PROBLEM STATEMENT
If a line comes after the one containing "doc.units = 0", leave it out; copy every line before it, and that line too, exactly as written, starting from the first line of the entries.

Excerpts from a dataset
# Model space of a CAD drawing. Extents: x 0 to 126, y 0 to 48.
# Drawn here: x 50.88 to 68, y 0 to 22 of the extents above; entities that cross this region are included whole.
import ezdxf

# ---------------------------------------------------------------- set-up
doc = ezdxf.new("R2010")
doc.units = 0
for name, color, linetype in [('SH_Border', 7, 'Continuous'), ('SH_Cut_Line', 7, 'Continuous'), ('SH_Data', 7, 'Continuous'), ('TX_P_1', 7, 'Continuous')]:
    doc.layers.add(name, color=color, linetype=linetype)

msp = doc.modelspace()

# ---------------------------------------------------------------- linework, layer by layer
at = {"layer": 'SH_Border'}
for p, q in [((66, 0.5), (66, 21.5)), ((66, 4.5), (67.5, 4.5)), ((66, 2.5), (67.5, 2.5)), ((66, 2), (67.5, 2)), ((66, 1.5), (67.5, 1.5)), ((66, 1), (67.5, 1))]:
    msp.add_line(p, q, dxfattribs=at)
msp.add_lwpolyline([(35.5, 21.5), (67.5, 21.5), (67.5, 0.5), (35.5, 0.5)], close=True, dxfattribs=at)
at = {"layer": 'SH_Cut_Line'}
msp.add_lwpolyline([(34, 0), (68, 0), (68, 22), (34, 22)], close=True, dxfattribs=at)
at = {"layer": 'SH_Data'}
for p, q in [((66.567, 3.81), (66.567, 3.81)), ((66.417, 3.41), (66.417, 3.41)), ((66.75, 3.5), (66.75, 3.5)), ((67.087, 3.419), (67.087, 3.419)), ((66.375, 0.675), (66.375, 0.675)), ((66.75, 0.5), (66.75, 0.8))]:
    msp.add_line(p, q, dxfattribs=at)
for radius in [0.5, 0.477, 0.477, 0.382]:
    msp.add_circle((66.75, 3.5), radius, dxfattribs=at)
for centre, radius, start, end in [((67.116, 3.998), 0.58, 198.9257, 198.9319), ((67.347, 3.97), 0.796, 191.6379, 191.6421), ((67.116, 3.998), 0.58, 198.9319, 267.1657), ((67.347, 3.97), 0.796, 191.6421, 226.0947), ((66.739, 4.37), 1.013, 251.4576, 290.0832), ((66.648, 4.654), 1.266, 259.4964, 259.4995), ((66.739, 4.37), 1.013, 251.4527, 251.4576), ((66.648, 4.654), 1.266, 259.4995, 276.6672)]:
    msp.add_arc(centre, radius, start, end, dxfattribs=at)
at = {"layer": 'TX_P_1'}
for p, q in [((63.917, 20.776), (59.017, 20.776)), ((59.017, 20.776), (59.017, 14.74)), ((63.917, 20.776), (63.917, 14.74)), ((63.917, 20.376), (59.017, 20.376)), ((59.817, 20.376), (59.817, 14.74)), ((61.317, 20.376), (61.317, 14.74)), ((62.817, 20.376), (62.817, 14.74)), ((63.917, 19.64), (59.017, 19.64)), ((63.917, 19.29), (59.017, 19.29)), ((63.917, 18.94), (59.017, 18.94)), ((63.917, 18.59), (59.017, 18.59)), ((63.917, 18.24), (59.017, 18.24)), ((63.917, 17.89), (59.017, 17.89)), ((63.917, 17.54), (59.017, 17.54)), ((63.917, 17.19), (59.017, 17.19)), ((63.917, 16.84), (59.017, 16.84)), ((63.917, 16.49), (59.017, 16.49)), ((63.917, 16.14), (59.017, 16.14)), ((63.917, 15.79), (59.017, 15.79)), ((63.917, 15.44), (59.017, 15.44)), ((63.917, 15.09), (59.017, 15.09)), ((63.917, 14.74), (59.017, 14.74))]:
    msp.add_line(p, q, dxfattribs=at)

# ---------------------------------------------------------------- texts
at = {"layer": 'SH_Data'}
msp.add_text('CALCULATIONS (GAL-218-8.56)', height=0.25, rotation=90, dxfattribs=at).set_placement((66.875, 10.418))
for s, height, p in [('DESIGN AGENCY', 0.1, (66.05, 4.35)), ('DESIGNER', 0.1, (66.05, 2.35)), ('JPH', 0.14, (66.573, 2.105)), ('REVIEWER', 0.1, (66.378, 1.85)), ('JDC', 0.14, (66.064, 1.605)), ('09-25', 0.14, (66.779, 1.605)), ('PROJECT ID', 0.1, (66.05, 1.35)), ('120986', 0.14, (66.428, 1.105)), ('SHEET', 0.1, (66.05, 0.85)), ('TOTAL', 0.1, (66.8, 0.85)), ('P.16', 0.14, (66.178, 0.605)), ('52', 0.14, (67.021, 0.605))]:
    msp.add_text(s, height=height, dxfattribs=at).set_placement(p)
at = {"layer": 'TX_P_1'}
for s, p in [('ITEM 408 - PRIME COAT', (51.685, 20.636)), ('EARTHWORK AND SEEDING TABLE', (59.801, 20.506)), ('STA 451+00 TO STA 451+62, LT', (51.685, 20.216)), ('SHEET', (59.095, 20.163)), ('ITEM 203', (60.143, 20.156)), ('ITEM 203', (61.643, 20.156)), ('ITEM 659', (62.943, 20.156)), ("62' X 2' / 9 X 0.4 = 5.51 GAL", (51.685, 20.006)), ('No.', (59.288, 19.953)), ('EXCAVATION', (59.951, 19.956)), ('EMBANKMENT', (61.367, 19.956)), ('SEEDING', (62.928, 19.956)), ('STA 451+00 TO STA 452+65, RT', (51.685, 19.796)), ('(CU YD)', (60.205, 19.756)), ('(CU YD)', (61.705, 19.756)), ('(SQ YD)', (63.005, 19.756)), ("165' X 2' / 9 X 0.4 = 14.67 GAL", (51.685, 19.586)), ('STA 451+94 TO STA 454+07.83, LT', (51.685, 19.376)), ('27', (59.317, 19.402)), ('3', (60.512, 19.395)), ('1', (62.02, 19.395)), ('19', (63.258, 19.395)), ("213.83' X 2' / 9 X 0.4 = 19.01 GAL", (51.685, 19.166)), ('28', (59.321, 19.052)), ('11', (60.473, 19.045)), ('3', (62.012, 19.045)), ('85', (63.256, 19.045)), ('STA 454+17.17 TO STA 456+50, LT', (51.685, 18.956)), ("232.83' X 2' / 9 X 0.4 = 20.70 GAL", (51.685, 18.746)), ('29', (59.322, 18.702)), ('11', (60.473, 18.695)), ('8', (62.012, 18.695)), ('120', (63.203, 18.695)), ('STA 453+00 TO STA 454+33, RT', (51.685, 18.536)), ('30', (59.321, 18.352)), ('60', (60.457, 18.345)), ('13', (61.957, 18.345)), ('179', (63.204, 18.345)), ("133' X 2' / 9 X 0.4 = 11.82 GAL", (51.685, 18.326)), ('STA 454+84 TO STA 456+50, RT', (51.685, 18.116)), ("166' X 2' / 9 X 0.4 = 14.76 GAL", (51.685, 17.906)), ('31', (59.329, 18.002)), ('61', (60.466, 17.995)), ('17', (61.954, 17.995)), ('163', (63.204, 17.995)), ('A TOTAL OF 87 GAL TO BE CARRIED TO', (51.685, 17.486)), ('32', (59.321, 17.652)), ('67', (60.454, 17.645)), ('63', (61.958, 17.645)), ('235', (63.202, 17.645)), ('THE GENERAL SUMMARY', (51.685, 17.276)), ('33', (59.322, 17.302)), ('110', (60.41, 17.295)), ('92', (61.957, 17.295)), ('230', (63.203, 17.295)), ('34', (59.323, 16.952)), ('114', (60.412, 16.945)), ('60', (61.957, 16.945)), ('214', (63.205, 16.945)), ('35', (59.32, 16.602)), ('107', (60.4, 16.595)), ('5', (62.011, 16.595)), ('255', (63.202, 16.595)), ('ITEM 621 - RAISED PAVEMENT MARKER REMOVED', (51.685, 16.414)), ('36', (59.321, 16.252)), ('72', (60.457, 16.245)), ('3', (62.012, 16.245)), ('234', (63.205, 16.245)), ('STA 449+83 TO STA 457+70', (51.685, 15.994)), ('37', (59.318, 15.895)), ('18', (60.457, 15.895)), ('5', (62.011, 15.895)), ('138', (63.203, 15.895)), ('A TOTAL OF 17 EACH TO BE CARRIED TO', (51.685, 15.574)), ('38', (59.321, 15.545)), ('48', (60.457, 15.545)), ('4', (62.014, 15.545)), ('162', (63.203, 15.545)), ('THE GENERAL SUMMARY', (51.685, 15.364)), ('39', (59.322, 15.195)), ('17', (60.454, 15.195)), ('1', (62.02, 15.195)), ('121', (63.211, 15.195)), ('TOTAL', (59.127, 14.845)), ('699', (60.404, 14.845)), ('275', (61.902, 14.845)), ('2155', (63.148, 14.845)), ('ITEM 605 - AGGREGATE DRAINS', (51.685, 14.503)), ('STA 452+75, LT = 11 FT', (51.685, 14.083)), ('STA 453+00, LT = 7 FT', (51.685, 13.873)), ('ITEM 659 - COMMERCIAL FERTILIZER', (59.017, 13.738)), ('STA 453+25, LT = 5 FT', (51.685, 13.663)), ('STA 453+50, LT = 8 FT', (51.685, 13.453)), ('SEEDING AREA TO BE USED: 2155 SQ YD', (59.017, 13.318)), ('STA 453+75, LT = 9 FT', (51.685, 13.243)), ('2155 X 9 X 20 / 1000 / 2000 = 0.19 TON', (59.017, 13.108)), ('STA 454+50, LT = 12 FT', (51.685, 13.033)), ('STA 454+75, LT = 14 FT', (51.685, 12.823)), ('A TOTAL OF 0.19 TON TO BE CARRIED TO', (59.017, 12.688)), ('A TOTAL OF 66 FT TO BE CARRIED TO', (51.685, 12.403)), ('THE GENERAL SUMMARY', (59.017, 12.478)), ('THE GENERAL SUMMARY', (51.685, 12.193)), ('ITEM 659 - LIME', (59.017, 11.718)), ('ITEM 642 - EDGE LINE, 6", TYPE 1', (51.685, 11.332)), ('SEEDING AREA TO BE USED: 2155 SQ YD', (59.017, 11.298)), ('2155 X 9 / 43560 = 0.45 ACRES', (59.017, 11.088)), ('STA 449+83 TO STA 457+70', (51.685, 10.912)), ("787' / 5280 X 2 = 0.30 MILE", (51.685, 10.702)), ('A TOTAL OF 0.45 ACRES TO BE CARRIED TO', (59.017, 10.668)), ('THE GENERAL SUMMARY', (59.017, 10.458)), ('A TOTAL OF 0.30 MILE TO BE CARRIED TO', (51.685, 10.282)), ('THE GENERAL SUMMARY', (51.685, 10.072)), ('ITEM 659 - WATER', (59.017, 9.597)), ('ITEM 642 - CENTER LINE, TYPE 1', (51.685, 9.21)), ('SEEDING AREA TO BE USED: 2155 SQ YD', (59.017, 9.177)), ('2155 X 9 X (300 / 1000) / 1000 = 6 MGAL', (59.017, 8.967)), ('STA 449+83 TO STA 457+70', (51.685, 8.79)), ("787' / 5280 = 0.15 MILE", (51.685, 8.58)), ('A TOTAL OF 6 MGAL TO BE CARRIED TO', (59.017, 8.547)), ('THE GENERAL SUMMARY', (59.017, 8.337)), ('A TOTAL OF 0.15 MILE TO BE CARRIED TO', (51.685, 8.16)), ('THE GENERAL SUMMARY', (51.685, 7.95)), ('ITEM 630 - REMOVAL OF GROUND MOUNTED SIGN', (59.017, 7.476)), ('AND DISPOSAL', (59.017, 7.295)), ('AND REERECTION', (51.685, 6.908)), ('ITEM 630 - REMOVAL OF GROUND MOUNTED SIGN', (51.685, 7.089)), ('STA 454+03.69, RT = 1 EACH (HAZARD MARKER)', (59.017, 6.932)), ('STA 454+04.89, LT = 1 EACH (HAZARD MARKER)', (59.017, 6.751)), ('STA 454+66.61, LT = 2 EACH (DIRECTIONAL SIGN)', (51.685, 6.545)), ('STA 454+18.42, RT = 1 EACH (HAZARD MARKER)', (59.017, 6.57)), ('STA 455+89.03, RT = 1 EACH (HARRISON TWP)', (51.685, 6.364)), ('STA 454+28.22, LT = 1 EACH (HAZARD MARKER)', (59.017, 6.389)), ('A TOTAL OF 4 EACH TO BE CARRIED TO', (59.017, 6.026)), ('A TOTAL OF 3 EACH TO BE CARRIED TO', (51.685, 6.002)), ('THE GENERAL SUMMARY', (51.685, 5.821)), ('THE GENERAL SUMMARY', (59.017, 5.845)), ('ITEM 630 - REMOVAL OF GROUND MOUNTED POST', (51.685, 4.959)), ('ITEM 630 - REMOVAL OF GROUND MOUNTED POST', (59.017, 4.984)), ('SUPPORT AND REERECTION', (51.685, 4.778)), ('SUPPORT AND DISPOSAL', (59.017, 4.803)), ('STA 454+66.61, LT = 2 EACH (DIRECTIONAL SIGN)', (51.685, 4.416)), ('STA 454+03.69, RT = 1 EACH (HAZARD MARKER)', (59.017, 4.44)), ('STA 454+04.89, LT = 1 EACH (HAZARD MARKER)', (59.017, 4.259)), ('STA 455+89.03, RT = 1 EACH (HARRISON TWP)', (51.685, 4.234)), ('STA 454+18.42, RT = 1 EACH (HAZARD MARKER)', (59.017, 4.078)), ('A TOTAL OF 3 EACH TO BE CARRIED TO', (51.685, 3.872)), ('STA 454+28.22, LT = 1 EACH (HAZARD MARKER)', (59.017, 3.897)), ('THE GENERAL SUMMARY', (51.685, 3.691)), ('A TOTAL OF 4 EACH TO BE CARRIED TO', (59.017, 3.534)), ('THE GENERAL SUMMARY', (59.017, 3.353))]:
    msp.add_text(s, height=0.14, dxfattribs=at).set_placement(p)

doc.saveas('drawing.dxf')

SOLUTION TO THE PROBLEM
# Model space of a CAD drawing. Extents: x 0 to 126, y 0 to 48.
# Drawn here: x 50.88 to 68, y 0 to 22 of the extents above; entities that cross this region are included whole.
import ezdxf

# ---------------------------------------------------------------- set-up
doc = ezdxf.new("R2010")
doc.units = 0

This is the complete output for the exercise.